Cardiovascular disease is the leading cause of death in the United States. Hispanic/Latino (hereafter referred to as Hispanic) populations are more likely than non-Hispanic populations to experience common risk factors for cardiovascular disease like Type 2 diabetes and obesity.
A $2.5 million grant from the National Heart, Lung and Blood Institute (NHLBI) will allow researchers from the University of North Carolina at Chapel Hill and Penn State to examine the genetic underpinnings of heart attack and stroke in a consortium of studies of Hispanic populations from across the Americas.

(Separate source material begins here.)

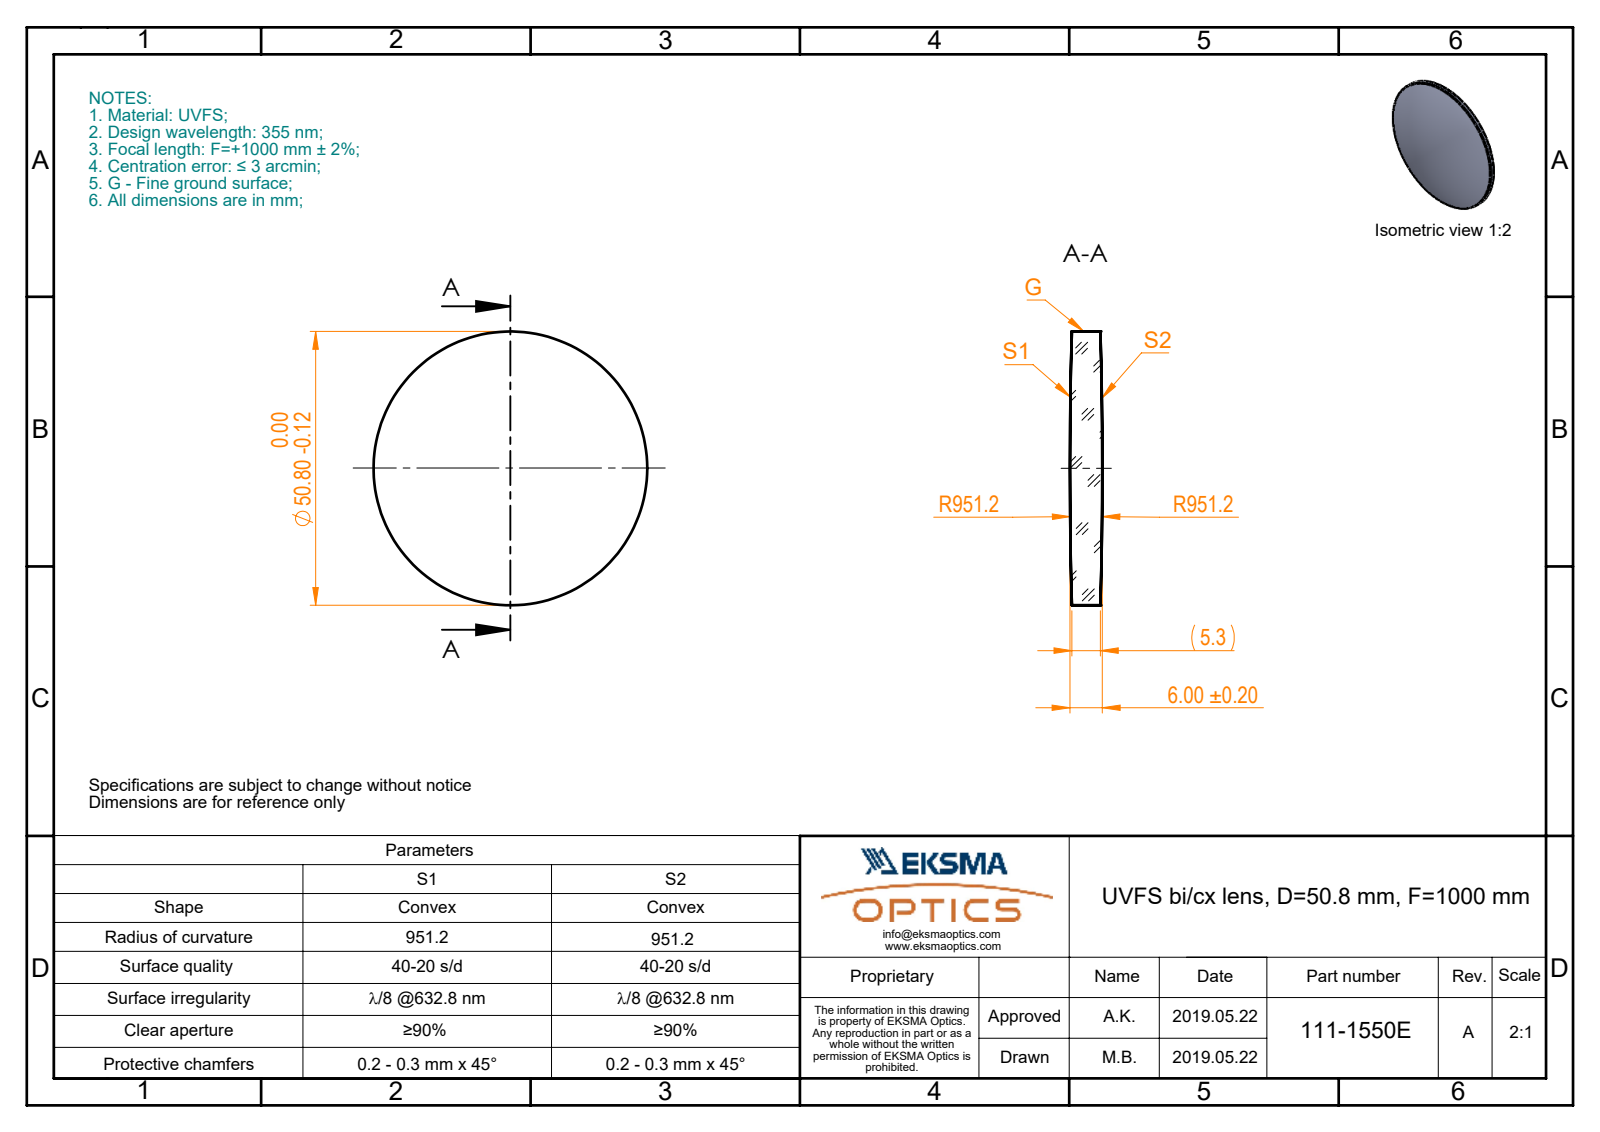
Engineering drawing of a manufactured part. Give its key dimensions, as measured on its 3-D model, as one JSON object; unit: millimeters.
{"part_name": "111-1550E UVFS bi-cx 50.8 F1000", "step_written_by": "SolidWorks 2017 (CONFIG_CONTROL_DESIGN)", "units": "millimeters", "bodies": {"solids": 1, "faces": 6, "planar": 0, "cylindrical": 2, "other": 4}, "overall_size": [50.8, 50.8, 6], "volume_mm3": 11474, "surface_area_mm2": 4904, "round_bosses_or_shafts": [[50.8, 1]]}
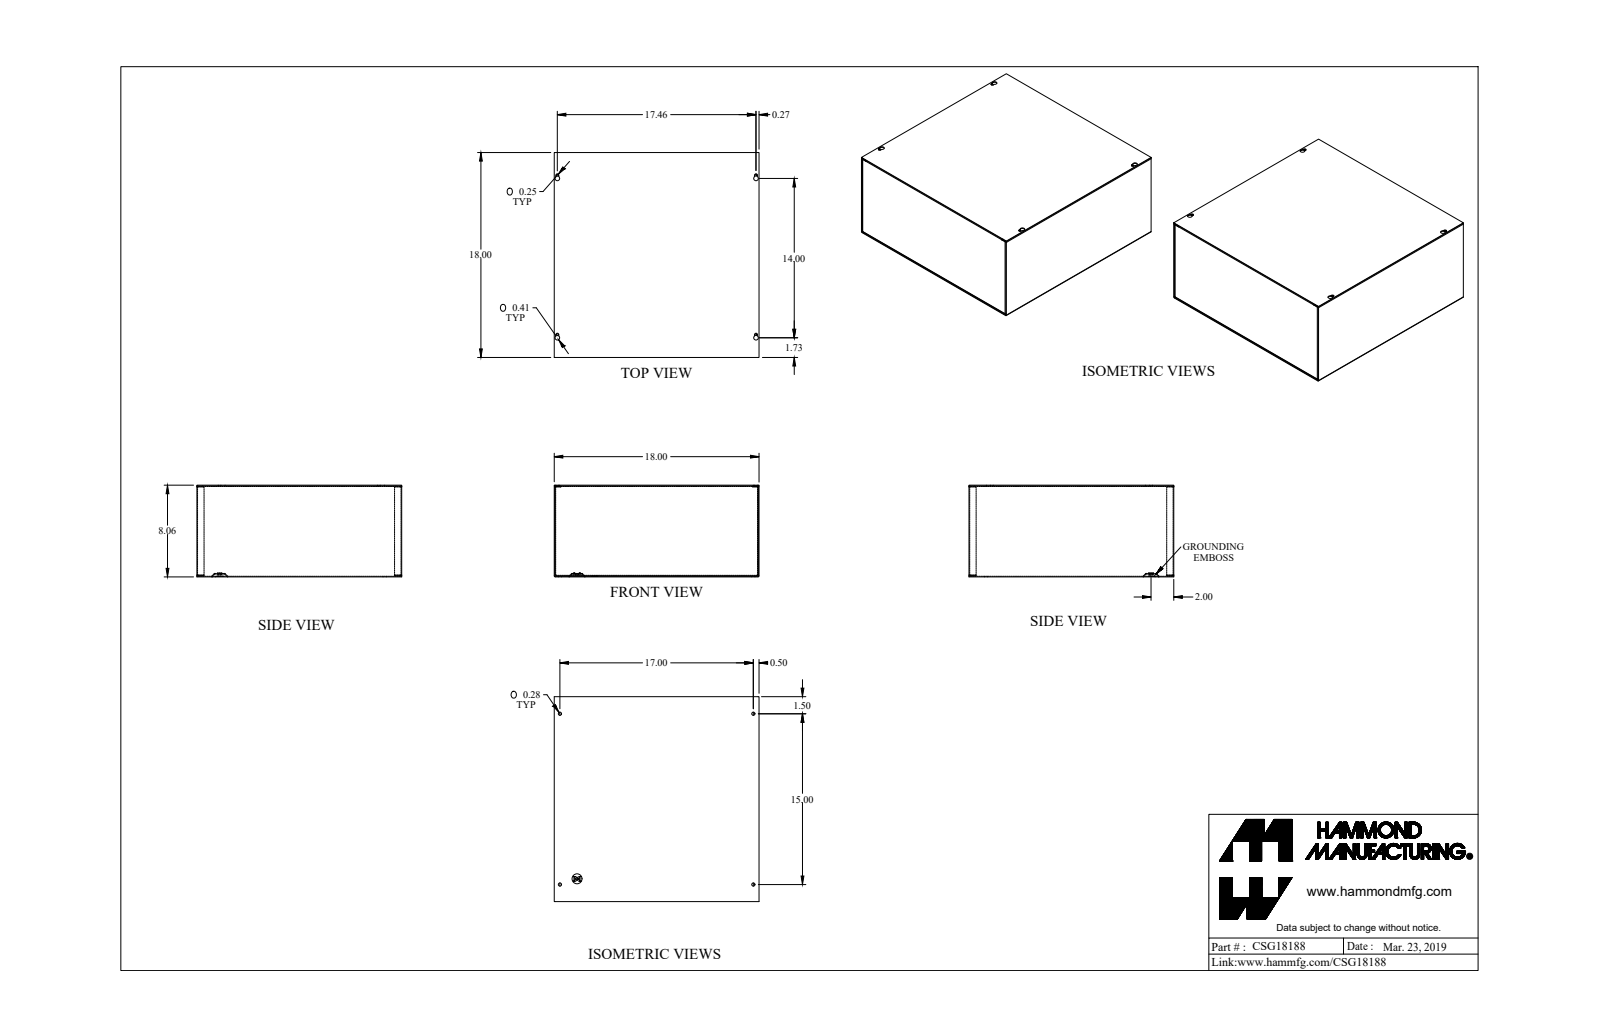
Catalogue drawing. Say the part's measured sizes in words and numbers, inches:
The part is named "CSG18188_Default". Its 3-D file was written by "SolidWorks 2019 (CONFIG_CONTROL_DESIGN)". It is 4 solids with 205 faces: 125 planar, 72 cylindrical and 8 other. Overall it measures 18 by 18 by 8.057 inches. Its volume is 72.98 cubic inches and its surface area 2 578 square inches. Round holes: 5 of diameter 0.17, 4 of diameter 0.281, 1 of diameter 0.5. Round bosses or shafts: 1 of diameter 0.492, 1 of diameter 0.284. Partial cylindrical surfaces (rounded edges, fillets, slot ends): 12 of radius 0.029, 12 of radius 0.086, 8 of radius 0.057, 4 of radius 0.125, 4 of radius 0.203. The main face-to-face distances are 0.057, 8, 17.943, 7.943, 8.057, 18, 17.886, 0.08, 7.863, 7.92. The hole center spacings are 0.55, 14.502, 17.237, 22.519, 14, 15, 17, 17.46.

Genomic studies allow researchers to explore how variation in DNA influences the health of individuals within a population. Genomic data and analyses for Hispanic populations have been very limited. According to the Genome-wide Association Study (GWAS) diversity monitor, Hispanic populations represent less than 1% of all GWAS study samples to date.
In this project, Misa Graff, PhD, associate professor of epidemiology at the UNC-Chapel Hill Gillings School of Global Public Health, and Lindsay Fernández-Rhodes, PhD, assistant professor of biobehavioral health at Penn State, and, will compile and analyze genomic datasets of Hispanic populations from across the Americas to study which genes (or genetic regions) are associated with strokes and heart attack.
The researchers expect to discover new genes associated with cardiovascular diseases, and they are hopeful that these discoveries could lead to the development of new prevention programs or treatments for cardiovascular disease.